Department of Otolaryngology-Head and Neck Surgery, University of California, Irvine Medical Center, Orange, California.
and the Department of Otolaryngology-Head and Neck Surgery, University of Pennsylvania, Philadelphia, Pennsylvania, U.S.A.
Laryngoscope. 2019 Oct;129(10):2258-2261. doi: 10.1002/lary.28053. Epub 2019 Apr 30.

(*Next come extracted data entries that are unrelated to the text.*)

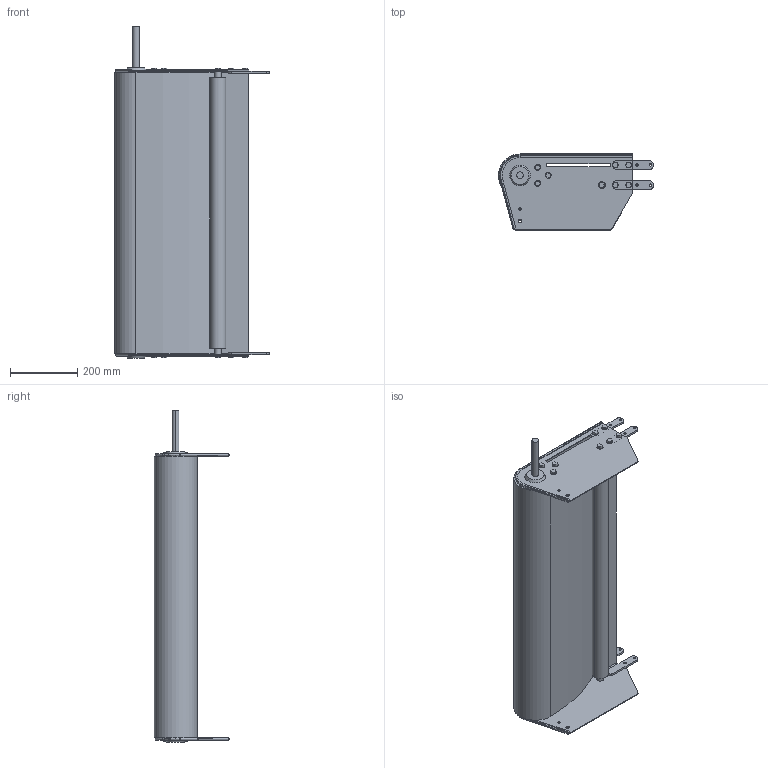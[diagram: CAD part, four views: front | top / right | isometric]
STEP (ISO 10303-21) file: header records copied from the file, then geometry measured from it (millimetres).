
FILE_DESCRIPTION (( 'STEP AP214' ), '1' );
FILE_NAME ('03.102D1L20.850 FS-850-MTS2-100.INOX Directe drive section left.STEP', '2025-02-04T12:36:43', ( '' ), ( '' ), 'SwSTEP 2.0', 'SolidWorks 2024', '' );
FILE_SCHEMA (( 'AUTOMOTIVE_DESIGN' ));
Length unit declared in the file: millimetre
Products named in the file (1): 03.102D1L20.850 FS-850-MTS2-100.INOX Directe drive section left
Bounding box: 461 x 225 x 989 mm (x, y, z)
Volume: 9824449.6 mm3; surface area: 2142134.1 mm2
Topology: 4 solids, 4 shells, 325 faces, 794 edges, 516 vertices
Faces by surface type: plane 223, cylinder 96, cone 4, torus 2
Entity records: 9602 total; most frequent: DIRECTION 1650, CARTESIAN_POINT 1636, ORIENTED_EDGE 1588, EDGE_CURVE 794, LINE 590, VECTOR 590, AXIS2_PLACEMENT_3D 530, VERTEX_POINT 516
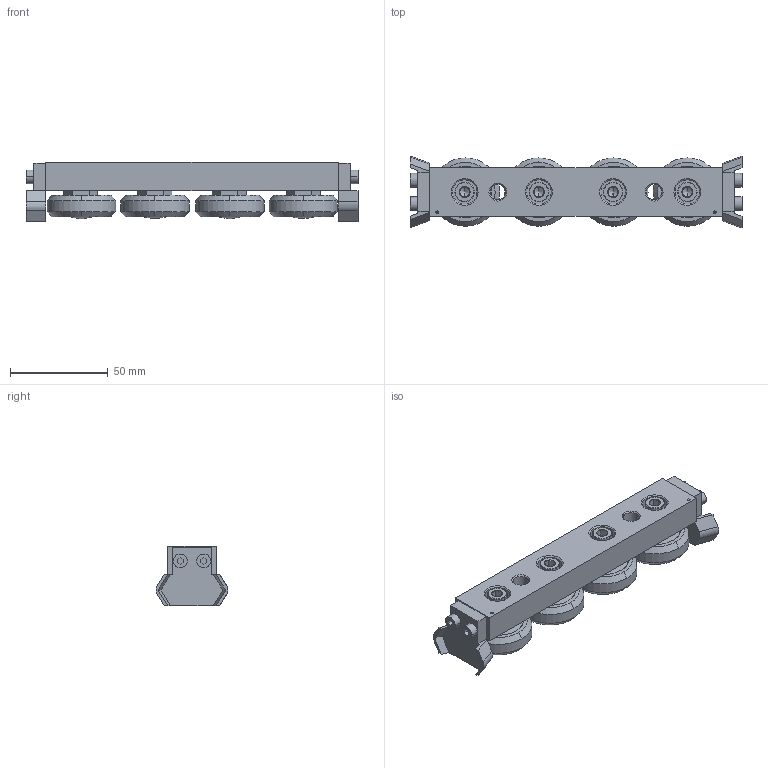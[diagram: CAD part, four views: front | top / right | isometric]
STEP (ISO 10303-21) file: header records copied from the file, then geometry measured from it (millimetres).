
FILE_DESCRIPTION (( 'STEP AP203' ), '1' );
FILE_NAME ('L1943.CSW43-150-2RSTA.step', '2019-03-13T08:16:52', ( '' ), ( '' ), 'SwSTEP 2.0', 'SolidWorks 2017', '' );
FILE_SCHEMA (( 'CONFIG_CONTROL_DESIGN' ));
Length unit declared in the file: millimetre
Products named in the file (6): Part5; Part1_L1943.CSW43-150-2RSTA; L1943.CSW43-150-2RSTA; Part4; Part6; Part8
Assembly tree (11 placements, depth 2):
  L1943.CSW43-150-2RSTA
    Part1_L1943.CSW43-150-2RSTA
    Part8  x4
    Part4  x2
    Part5  x2
    Part6  x2
Bounding box: 170 x 36.78 x 30.5 mm (x, y, z)
Volume: 99534.9 mm3; surface area: 35233.9 mm2
Topology: 11 solids, 11 shells, 404 faces, 908 edges, 558 vertices
Faces by surface type: plane 190, cone 128, cylinder 72, torus 8, bspline 6
Entity records: 6880 total; most frequent: CARTESIAN_POINT 1272, DIRECTION 1075, ORIENTED_EDGE 934, EDGE_CURVE 467, AXIS2_PLACEMENT_3D 408, VERTEX_POINT 297, LINE 259, VECTOR 259
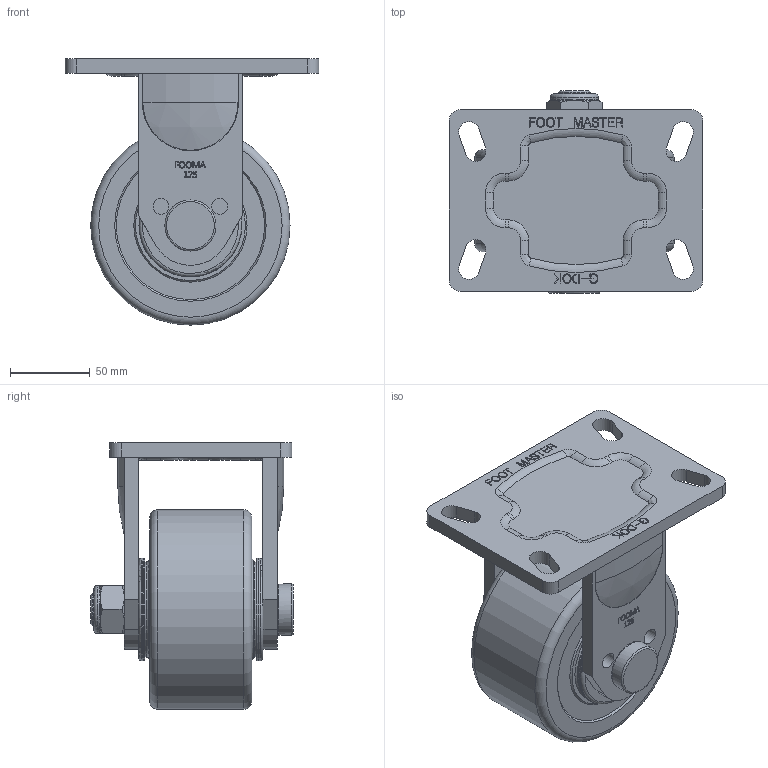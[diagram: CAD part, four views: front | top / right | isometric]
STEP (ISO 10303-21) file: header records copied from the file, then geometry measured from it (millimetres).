
FILE_DESCRIPTION(/* description */ (''),/* implementation_level */ '2;1');
FILE_NAME(/* name */ 'C:\Users\황치선\Desktop\JYS\4.DWG WORK\GF-SERIES 신규 홈페이지용 도면\GF-125-ASF-MCD\GF-125-ARF-MCD.stp',/* time_stamp */ '2019-08-29T19:22:55+09:00',/* author */ ('황치선'),/* organization */ (''),/* preprocessor_version */ 'ST-DEVELOPER v16.13',/* originating_system */ 'Autodesk Inventor 2018',/* authorisation */ '');
FILE_SCHEMA (('AUTOMOTIVE_DESIGN { 1 0 10303 214 3 1 1 }'));
Length unit declared in the file: millimetre
Products named in the file (1): GF-125-ARF-MCD
Bounding box: 159 x 127 x 167 mm (x, y, z)
Surface area: 136047.7 mm2 (no closed solid volume)
Topology: 0 solids, 1 shells, 1041 faces, 2905 edges, 1879 vertices
Faces by surface type: plane 407, bspline 402, cylinder 148, torus 50, cone 26, sphere 8
Full cylindrical faces by diameter (mm): 10 x4, 20 x3, 20.2 x2, 24.9 x2, 30 x1, 32 x1, 32.334 x2, 39.666 x2, 64.519 x2, 125 x1
Entity records: 35682 total; most frequent: CARTESIAN_POINT 11595, ORIENTED_EDGE 5620, DIRECTION 3893, EDGE_CURVE 2806, VERTEX_POINT 1857, LINE 1367, VECTOR 1367, AXIS2_PLACEMENT_3D 1263

Rathke cleft cysts (RCCs) are rare, benign lesions formed from remnants of Rathke pouch during embryologic development. However, following marsupialization, maintaining tract patency remains a challenge. Several techniques for decreasing stenosis have been described, including free mucosal grafting, silastic spacing, and using steroid-eluting stents. Nasoseptal flaps (NSFs) have a reliable vascular supply and are widely utilized in skull base reconstruction. We present a novel technique to maintain patency of the marsupialized RCC cavity by lining it with an NSF to promote long-term drainage and re-epithelialization of the RCC cavity.
Retrospective chart review of all patients who underwent surgery for symptomatic RCCs. These patients underwent endoscopic endonasal surgery between February 3, 2016, and June 12, 2018, with marsupialization followed by circumferential NSF lining. Primary outcomes include symptomatic control, surgical complications, and RCC cavity patency.
Seven patients underwent RCC marsupialization with no intraoperative cerebrospinal fluid leak, followed by circumferential lining of the marsupialized cavity with an NSF. In each case, no cyst re-accumulation or recurrent symptoms were noted, and the NSF lining provided long-term patency of the tract in all cases to a mean of 6.7 ± 10.1 months of follow-up, including one patient with sustained patency at 29 months follow-up.
Utilization of the NSF to "stent open" the RCC cavity following marsupialization is a safe and effective means to prevent restenosis. Advantages include sustained patency of RCC cavity for complete drainage and a dependable vascular supply.
4 Laryngoscope, 129:2258-2261, 2019.
Rathke 裂隙囊肿(RCC)是一种罕见的良性病变,由胚胎发育过程中 Rathke 囊的残余物形成。然而,在形成袋状后,保持通道通畅仍然是一个挑战。已经描述了几种减少狭窄的技术,包括游离黏膜移植、硅酮间隔和使用类固醇洗脱支架。鼻中隔瓣(NSF)具有可靠的血管供应,广泛应用于颅底重建。我们提出了一种新的技术,即用 NSF 衬里袋状化的 RCC 腔,以促进 RCC 腔的长期引流和再上皮化,从而保持其通畅。
回顾性分析 2016 年 2 月 3 日至 2018 年 6 月 12 日期间因症状性 RCC 而行手术治疗的所有患者的病历。这些患者接受了内镜经鼻内手术,行 RCC 袋状化,随后进行 NSF 环形衬里。主要结局包括症状控制、手术并发症和 RCC 腔通畅性。
7 例患者行 RCC 袋状化,术中无脑脊液漏,随后用 NSF 环形衬里袋状化腔。在每例患者中,均未发现囊肿再积聚或症状复发,NSF 衬里在所有病例中均提供了通道的长期通畅,随访平均时间为 6.7±10.1 个月,包括 1 例患者在 29 个月随访时仍保持通畅。
在袋状化后,用 NSF“支架撑开”RCC 腔是预防再狭窄的一种安全有效的方法。其优点包括 RCC 腔的完全引流和可靠的血管供应。
4 级喉镜,129:2258-2261,2019 年。